I've found that cues of coherence and specificity in stories are helpful to me
in assessing the veracity of both personal interactions and of academic /
topical research.

In the interview, Douglas Starr also mentions the case of people who've
appeared on TV or in public making appeals to find the perpetrator of crimes
for which they were later convicted on evidence (and by all appearances
accurately) -- the displays of emotion these people present don't show any of
the physical signs of lying that the Reid method is based on.
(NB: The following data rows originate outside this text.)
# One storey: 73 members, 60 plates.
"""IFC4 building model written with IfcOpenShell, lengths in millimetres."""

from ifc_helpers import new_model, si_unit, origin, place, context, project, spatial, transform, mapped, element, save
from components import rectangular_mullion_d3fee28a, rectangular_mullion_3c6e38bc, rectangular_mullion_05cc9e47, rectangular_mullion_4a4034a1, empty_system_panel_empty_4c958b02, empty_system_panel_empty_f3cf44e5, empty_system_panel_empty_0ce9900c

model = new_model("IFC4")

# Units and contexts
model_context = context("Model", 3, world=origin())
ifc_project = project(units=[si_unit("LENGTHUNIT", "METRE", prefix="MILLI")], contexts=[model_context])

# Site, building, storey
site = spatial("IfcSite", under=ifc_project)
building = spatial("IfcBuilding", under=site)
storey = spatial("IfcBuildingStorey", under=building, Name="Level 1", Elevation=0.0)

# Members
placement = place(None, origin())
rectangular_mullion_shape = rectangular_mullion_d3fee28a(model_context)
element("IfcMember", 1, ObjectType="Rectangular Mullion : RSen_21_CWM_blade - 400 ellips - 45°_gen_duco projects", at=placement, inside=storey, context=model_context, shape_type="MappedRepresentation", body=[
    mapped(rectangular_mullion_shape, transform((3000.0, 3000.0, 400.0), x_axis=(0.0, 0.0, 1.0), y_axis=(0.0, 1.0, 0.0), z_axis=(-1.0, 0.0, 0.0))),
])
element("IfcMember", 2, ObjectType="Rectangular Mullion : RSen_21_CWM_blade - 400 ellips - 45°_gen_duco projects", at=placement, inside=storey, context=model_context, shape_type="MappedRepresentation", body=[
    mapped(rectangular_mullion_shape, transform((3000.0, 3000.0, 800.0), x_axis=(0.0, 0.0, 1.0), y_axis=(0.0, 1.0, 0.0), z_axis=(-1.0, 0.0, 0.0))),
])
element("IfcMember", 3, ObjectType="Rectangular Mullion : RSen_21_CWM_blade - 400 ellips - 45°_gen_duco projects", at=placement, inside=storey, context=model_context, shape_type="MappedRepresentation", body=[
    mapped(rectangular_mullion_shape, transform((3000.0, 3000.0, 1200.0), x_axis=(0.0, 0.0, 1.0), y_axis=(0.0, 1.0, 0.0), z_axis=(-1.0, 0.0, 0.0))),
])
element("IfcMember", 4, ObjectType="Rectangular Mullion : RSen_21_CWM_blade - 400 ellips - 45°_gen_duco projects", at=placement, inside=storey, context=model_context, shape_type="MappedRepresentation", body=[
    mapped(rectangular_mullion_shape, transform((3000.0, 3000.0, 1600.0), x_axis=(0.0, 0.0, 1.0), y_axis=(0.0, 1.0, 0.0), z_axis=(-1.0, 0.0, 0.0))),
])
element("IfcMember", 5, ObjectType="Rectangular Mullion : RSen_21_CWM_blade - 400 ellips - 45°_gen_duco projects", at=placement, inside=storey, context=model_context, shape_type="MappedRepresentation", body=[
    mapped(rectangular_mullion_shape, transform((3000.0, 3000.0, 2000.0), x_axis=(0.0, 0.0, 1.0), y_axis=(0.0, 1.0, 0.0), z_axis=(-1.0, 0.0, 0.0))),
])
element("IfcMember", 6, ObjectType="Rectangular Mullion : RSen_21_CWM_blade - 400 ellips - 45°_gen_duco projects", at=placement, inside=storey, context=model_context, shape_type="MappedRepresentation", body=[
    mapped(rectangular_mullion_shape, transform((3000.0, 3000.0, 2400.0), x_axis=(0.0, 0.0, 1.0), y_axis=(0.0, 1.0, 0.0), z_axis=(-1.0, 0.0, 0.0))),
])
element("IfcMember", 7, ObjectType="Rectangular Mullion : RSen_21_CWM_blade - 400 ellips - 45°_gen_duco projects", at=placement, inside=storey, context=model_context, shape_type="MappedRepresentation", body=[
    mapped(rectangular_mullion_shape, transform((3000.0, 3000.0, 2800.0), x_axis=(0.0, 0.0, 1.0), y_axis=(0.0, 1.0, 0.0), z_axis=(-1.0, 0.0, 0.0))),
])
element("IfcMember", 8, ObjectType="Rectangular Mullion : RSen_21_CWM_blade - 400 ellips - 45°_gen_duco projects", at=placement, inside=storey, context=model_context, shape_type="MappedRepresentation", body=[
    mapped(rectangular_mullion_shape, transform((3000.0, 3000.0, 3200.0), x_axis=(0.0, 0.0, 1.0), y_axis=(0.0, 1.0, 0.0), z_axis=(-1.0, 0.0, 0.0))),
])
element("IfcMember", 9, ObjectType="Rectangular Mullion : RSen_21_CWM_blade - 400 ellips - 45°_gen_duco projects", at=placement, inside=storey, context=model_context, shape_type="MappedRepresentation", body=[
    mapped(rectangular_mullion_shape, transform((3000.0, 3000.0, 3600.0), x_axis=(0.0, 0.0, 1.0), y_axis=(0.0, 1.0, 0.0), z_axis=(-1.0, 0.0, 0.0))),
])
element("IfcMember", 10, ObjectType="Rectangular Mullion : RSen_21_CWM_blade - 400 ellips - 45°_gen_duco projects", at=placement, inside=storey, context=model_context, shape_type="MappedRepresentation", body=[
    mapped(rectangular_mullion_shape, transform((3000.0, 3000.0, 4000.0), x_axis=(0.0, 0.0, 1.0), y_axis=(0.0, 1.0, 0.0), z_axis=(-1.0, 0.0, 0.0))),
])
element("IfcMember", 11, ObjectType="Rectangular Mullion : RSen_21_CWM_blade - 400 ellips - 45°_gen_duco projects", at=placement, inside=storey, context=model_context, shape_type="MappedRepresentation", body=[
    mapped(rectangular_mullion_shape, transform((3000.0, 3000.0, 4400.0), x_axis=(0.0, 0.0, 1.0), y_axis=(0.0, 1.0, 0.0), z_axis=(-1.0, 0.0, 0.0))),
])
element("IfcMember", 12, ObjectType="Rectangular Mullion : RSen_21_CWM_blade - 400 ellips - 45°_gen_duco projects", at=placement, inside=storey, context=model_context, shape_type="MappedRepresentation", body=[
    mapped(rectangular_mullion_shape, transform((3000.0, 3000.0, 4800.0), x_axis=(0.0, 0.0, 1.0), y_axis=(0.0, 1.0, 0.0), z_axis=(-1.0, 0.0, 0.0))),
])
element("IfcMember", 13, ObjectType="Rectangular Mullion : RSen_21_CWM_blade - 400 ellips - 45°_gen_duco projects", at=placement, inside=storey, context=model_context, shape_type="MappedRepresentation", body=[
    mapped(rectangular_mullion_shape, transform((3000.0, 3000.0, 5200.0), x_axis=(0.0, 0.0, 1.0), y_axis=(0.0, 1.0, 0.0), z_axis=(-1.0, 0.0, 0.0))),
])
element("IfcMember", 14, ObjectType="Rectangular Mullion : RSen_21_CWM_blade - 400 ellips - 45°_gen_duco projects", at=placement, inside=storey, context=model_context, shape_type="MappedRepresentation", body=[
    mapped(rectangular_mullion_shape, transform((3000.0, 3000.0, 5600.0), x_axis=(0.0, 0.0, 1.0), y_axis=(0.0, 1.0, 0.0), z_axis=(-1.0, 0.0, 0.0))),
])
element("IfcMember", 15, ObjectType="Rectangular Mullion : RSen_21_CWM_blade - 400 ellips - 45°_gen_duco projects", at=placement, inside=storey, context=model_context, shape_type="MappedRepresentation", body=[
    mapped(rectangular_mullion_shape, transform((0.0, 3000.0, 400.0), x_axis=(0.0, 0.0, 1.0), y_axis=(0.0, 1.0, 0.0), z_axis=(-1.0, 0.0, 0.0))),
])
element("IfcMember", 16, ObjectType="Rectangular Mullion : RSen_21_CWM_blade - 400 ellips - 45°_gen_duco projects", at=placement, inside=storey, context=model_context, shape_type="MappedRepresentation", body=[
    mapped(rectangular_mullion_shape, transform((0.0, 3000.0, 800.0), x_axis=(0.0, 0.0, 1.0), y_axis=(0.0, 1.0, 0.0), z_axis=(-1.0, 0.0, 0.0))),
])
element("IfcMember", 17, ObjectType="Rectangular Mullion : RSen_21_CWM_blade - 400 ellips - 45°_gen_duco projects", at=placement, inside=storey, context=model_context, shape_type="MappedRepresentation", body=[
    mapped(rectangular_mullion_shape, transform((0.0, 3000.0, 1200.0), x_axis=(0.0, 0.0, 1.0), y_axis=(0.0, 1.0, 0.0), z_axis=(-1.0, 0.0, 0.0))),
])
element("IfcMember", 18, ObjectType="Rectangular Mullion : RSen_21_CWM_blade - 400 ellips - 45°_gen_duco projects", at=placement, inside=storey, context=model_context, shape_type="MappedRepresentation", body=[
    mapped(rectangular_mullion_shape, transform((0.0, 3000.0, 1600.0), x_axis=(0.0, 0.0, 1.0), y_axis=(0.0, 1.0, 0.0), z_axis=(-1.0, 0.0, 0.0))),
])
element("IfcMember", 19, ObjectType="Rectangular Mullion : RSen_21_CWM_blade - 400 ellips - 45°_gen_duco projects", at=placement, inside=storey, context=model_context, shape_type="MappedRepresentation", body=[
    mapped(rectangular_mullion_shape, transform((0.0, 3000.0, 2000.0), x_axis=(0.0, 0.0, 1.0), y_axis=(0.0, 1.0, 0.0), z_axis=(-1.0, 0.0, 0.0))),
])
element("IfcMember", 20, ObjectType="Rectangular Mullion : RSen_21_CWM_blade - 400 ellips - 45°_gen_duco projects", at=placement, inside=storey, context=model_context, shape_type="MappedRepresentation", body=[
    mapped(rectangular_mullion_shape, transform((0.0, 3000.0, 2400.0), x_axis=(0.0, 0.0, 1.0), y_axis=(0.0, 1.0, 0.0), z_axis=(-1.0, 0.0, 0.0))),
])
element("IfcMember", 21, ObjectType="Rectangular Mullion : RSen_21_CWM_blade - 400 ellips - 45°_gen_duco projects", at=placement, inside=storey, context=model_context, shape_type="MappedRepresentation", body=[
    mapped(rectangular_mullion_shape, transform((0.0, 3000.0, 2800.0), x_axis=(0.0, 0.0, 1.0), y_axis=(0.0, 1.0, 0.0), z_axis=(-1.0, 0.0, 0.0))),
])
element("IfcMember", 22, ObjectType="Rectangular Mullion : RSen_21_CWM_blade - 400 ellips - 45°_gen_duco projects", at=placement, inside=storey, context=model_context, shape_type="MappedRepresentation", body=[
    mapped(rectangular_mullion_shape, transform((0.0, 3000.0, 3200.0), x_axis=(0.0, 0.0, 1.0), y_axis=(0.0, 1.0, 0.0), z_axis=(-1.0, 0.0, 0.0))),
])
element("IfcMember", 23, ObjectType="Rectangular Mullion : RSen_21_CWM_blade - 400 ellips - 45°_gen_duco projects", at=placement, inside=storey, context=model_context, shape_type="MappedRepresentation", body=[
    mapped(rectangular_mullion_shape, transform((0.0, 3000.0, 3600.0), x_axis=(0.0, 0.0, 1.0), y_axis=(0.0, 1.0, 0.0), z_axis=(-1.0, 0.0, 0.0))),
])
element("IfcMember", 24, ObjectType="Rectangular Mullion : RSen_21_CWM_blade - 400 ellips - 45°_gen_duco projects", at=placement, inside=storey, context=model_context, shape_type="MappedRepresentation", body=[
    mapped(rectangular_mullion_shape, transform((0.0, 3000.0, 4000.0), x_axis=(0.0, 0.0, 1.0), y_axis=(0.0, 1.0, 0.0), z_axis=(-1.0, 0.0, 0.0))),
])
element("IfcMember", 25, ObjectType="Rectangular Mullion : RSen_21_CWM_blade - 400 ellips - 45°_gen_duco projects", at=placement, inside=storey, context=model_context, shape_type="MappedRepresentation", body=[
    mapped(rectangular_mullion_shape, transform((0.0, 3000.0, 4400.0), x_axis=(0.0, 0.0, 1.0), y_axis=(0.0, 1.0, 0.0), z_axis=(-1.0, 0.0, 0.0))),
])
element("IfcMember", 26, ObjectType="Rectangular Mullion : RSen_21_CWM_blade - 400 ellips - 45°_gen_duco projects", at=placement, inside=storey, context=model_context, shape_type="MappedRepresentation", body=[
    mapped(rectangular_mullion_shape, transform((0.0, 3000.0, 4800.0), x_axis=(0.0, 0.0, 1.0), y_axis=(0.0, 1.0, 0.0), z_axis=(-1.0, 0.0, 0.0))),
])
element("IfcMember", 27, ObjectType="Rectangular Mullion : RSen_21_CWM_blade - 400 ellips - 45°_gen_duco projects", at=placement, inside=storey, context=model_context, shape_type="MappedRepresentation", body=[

And finally, the behavioral tricks employed by investigators and by which
subjects operate which tend to result in false confessions are telling. The
pressure to confess, and the sense of the subject that confessing will somehow
make things better (it almost always doesn't) are both psychological traps
which tend to produce a false result.

Even in areas far removed from law enforcement or interrogation, I see
valuable lessons here.

------
ErsatzVerkehr
_This American Life_ recently featured an episode on (false) confessions. I
found one of the stories in particular quite painful: the suspect who
confessed just in order to get the interrogation over with, the cop who didn't
realize that they had spoon-fed the suspect the facts to support their own
confession. Give it a listen:

[http://www.thisamericanlife.org/radio-
archives/episode/507/c...](http://www.thisamericanlife.org/radio-
archives/episode/507/confessions?act=1#play)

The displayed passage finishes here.